Following the injection of E. coli bacteria, both the fungus and the bacteria continued to grow, but the bacteria grew so quickly that the fungus triggered an immune response, encapsulating the bacteria to protect itself. As a result, the bacteria could not be passed on to the next generation of fungi.
Bacteria Enter Spores
The outcome was different when Mycetohabitans bacteria were injected. As the fungus formed spores, some of the bacteria managed to enter the spores and were passed on to the next generation. “The fact that the bacteria were successfully transmitted to the next generation of fungi through the spores was a breakthrough in our research,” Giger noted.
When Giger allowed these spores, containing bacteria, to germinate, he found that they germinated less frequently and that the fungi grew more slowly compared to those without bacterial inhabitants. “Initially, the endosymbiosis reduced the overall fitness of the fungi,” he explained. However, by continuing the experiment over several fungal generations and selecting fungi whose spores contained bacteria, the fungi adapted and produced more viable spores with resident bacteria. Genetic analysis showed that the fungus had undergone changes during the experiment to accommodate its bacterial partner.
The researchers also discovered that together, the host and its bacterial resident produced biologically active molecules that could help the fungus obtain nutrients or defend against threats like nematodes and amoebae. “What initially posed a disadvantage can later become an advantage,” emphasized Vorholt.
Delicate Relationships
The study highlighted how fragile early endosymbiotic systems are. “The initial decline in the host’s fitness could lead to the quick collapse of such a system in nature,” said Giger. “For new endosymbiotic relationships to stabilize, there must be a mutual benefit to living together,” Vorholt added. The potential resident must possess traits that favor endosymbiosis.
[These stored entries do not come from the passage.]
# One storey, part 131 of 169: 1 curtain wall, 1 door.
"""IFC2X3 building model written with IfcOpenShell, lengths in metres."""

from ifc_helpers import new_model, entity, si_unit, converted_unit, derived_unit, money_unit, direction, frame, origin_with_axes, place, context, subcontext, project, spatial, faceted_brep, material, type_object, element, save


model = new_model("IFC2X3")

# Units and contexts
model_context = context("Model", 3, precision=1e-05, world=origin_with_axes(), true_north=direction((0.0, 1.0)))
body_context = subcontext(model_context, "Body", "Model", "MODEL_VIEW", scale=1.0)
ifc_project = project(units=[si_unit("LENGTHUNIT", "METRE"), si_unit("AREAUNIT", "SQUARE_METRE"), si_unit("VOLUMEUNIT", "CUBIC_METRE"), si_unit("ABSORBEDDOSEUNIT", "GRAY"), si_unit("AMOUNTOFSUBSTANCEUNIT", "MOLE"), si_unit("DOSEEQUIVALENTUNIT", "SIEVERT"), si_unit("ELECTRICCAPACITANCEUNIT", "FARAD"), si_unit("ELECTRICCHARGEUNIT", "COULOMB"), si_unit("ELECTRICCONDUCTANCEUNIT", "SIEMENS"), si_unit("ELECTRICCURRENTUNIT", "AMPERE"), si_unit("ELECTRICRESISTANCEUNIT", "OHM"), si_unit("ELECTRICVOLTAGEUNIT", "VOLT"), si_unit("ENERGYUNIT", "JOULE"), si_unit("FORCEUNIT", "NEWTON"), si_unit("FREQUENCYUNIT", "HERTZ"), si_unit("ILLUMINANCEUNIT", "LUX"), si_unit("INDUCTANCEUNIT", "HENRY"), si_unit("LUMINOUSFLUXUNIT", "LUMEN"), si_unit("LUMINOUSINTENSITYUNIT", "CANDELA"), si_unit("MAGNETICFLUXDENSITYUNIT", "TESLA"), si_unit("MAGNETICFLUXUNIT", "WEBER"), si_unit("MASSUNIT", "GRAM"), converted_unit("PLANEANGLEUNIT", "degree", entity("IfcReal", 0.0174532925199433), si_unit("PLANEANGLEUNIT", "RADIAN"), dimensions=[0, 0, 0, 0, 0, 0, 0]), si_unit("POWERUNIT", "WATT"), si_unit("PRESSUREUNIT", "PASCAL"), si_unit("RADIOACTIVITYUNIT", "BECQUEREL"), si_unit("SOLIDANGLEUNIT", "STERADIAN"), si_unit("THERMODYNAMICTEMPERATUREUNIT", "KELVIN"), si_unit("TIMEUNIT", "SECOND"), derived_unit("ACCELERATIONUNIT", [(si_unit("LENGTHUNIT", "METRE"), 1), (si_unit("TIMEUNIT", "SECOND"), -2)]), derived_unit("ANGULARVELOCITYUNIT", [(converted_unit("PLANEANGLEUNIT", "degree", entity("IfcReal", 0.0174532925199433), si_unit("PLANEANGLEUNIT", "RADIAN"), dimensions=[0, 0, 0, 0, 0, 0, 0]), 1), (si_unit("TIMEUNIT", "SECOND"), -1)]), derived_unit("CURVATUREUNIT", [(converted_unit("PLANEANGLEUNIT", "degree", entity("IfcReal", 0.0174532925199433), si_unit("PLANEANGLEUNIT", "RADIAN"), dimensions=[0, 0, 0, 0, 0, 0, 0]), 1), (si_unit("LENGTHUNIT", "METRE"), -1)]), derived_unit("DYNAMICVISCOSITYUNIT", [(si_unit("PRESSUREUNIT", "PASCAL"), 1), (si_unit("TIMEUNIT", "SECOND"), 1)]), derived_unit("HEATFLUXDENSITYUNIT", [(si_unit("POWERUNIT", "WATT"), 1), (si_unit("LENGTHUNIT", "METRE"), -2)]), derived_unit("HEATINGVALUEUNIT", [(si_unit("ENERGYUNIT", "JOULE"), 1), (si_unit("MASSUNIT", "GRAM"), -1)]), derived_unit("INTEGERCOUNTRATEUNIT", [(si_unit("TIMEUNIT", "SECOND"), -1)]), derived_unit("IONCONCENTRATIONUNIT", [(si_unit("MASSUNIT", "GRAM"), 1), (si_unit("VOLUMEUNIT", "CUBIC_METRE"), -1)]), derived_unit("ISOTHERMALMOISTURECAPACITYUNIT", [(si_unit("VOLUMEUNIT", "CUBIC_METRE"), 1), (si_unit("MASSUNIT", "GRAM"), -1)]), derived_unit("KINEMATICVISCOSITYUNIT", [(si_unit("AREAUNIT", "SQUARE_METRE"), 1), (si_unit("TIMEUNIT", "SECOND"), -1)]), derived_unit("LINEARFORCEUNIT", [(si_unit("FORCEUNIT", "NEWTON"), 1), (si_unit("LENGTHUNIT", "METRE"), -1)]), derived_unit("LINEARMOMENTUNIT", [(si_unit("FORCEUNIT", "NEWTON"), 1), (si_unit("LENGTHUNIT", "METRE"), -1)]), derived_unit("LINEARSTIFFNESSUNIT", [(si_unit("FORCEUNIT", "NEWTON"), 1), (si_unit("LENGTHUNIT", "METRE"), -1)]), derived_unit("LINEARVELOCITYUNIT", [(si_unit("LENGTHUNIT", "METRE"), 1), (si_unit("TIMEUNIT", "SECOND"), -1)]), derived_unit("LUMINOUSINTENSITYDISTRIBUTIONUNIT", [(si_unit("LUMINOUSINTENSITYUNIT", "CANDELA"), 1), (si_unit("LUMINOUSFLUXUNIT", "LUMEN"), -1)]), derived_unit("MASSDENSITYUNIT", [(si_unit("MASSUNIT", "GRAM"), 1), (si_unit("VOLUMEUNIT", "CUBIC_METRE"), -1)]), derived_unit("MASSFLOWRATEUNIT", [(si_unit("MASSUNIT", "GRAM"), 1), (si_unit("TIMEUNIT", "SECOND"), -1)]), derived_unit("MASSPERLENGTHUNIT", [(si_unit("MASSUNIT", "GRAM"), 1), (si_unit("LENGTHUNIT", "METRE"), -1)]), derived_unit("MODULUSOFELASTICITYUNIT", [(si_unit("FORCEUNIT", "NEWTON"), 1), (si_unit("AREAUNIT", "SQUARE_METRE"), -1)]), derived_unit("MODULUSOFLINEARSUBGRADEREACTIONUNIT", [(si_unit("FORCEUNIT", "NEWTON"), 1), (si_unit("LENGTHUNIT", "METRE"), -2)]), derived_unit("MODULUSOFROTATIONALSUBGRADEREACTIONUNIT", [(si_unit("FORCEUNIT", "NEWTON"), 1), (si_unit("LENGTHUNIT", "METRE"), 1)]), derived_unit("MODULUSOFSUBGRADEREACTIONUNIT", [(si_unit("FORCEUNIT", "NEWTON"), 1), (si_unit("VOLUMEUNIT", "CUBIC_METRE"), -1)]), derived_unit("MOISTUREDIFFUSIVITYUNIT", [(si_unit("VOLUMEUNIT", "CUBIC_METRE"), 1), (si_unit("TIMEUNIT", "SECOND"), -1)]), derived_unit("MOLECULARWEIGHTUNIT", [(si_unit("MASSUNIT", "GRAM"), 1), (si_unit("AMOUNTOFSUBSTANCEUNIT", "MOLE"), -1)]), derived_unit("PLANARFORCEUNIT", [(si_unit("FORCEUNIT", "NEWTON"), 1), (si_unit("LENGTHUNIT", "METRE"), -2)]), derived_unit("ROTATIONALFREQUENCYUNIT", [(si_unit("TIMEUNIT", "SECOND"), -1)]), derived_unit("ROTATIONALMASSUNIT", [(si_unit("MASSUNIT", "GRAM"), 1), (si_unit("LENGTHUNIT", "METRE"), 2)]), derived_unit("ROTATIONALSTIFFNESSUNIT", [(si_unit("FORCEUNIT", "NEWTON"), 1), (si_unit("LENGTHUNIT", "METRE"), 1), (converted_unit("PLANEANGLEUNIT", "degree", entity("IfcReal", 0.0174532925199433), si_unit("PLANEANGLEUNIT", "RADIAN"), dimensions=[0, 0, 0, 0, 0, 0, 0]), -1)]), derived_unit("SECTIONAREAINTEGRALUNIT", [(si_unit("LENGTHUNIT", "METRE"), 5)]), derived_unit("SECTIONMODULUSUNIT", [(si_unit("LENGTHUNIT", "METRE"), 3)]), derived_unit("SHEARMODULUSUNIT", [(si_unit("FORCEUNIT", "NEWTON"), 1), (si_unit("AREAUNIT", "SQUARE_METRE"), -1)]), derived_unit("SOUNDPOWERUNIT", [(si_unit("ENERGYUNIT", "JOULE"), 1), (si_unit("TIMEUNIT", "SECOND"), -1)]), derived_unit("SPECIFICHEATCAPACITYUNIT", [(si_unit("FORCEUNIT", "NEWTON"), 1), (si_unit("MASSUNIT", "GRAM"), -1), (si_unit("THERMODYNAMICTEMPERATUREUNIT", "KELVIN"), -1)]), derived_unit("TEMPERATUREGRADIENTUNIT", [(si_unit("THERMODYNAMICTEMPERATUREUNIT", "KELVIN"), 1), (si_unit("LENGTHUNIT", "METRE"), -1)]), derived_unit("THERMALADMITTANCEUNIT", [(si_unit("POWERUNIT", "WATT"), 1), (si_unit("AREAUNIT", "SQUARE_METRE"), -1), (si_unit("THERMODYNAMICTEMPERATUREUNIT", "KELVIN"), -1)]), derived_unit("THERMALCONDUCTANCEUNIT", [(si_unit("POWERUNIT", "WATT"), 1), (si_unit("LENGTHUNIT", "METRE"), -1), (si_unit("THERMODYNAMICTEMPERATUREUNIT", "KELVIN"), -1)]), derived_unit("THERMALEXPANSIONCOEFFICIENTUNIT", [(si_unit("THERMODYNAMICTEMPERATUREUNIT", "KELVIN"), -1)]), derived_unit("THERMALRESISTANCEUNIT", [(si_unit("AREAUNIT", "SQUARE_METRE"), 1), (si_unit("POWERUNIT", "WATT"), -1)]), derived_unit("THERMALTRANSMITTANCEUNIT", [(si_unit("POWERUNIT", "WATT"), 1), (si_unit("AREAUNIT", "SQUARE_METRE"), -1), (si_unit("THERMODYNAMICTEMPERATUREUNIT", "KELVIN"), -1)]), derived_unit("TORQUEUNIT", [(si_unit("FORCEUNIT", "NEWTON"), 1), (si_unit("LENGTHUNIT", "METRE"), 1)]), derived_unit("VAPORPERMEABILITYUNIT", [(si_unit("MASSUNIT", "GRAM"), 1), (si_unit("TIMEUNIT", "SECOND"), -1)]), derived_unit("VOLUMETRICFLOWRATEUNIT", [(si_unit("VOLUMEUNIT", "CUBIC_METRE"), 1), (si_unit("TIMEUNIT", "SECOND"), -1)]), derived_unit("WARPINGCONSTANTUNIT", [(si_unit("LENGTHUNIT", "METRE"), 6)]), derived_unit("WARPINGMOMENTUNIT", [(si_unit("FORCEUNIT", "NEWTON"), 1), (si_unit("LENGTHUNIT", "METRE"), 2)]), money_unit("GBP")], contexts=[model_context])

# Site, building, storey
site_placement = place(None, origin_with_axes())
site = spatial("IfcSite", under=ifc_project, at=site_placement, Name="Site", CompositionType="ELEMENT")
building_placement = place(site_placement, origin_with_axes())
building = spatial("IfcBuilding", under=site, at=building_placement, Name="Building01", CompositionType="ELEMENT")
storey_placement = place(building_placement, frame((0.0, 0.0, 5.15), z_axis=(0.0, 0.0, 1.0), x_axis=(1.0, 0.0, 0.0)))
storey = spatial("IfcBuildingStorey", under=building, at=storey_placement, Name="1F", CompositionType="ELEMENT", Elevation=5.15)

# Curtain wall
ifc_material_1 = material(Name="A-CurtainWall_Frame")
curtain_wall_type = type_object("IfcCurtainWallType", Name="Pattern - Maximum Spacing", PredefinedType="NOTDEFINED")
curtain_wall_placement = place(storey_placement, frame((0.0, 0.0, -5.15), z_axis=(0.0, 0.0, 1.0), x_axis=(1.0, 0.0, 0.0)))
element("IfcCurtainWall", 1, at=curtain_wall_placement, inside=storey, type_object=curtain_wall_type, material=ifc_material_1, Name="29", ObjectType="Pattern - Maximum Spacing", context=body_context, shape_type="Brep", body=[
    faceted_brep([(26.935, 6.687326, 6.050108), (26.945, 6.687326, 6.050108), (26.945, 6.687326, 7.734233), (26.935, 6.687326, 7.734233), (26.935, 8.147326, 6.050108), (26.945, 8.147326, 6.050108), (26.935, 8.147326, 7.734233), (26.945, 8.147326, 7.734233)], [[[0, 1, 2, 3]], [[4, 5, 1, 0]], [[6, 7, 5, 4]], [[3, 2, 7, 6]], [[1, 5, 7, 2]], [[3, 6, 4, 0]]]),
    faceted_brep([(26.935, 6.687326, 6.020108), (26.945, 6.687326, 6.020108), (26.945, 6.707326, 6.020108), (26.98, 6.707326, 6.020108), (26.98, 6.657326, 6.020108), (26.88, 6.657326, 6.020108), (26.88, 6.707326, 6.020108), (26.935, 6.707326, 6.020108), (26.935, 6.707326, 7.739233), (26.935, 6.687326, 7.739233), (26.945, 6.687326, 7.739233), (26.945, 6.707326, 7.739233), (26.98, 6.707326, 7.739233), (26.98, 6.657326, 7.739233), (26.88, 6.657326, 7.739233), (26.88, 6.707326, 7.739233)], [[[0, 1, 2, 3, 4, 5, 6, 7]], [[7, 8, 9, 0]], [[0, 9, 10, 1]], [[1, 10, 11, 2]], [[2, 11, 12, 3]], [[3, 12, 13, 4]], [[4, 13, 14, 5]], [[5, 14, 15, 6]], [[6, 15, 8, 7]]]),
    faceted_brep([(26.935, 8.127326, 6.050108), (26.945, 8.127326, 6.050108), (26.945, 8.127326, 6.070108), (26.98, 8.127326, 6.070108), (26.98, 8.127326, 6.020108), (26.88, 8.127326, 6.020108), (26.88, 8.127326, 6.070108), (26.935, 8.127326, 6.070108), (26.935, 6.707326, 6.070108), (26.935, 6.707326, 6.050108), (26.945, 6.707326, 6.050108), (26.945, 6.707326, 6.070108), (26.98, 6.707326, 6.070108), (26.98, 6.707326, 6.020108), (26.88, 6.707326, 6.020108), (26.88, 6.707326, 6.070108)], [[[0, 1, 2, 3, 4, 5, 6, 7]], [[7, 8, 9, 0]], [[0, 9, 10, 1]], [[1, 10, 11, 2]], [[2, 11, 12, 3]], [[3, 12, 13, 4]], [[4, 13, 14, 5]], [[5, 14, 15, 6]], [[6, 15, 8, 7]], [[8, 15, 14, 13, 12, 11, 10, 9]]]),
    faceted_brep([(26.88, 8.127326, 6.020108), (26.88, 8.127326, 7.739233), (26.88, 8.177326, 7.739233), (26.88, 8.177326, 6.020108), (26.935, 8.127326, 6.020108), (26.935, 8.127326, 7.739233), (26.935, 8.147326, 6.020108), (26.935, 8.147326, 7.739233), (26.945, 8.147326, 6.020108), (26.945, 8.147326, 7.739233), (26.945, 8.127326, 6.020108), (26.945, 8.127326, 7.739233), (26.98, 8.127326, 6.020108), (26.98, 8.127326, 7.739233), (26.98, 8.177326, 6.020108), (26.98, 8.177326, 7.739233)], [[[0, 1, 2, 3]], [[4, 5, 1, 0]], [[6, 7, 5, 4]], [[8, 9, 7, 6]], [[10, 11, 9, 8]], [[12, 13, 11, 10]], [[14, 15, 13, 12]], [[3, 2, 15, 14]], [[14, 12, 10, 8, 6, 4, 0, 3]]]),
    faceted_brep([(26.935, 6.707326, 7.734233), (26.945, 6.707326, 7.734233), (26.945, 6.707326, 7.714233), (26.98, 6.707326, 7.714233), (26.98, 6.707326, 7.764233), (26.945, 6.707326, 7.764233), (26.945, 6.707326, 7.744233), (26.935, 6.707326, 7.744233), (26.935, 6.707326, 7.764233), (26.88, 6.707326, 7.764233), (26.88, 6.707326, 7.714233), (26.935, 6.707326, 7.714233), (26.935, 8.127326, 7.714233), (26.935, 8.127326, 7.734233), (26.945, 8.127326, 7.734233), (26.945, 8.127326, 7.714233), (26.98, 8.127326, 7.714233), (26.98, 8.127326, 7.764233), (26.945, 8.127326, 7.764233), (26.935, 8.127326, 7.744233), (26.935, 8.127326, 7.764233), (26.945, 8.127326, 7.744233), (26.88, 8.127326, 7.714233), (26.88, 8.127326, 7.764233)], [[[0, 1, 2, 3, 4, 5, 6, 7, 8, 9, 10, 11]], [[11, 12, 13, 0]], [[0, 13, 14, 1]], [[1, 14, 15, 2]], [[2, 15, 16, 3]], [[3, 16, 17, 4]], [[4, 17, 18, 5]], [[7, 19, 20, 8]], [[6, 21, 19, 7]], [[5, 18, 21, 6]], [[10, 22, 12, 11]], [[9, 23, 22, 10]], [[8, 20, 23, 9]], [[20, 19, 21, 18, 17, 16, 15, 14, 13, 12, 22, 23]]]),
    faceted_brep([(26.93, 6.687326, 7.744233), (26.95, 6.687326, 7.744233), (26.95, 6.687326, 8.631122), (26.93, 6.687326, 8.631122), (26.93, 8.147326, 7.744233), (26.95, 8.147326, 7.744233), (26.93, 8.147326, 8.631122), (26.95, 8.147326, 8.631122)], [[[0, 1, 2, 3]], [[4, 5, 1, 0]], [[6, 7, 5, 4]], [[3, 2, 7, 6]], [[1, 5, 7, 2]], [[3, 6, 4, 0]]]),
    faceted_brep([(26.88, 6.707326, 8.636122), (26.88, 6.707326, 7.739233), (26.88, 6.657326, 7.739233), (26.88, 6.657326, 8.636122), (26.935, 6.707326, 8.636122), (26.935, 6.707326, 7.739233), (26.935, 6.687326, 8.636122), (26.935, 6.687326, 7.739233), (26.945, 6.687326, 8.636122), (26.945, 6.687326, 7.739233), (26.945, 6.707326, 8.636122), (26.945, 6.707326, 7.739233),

For the host, incorporating another organism provides an opportunity to gain new characteristics, even though it requires adjustments. “In the long run, evolution shows how successful endosymbiosis can become,” the ETH professor concluded.
FAQ:
1. What is endosymbiosys?
Endosymbiosis is a remarkable biological process where one organism lives inside another. This unique relationship often benefits both organisms involved. Even within our bodies, traces of ancient endosymbiotic events remain—mitochondria, the energy producers of our cells, result from a long-ago endosymbiosis. In ancient times, bacteria entered other cells and remained, eventually giving rise to mitochondria, which became crucial to developing plant, animal, and fungal cells.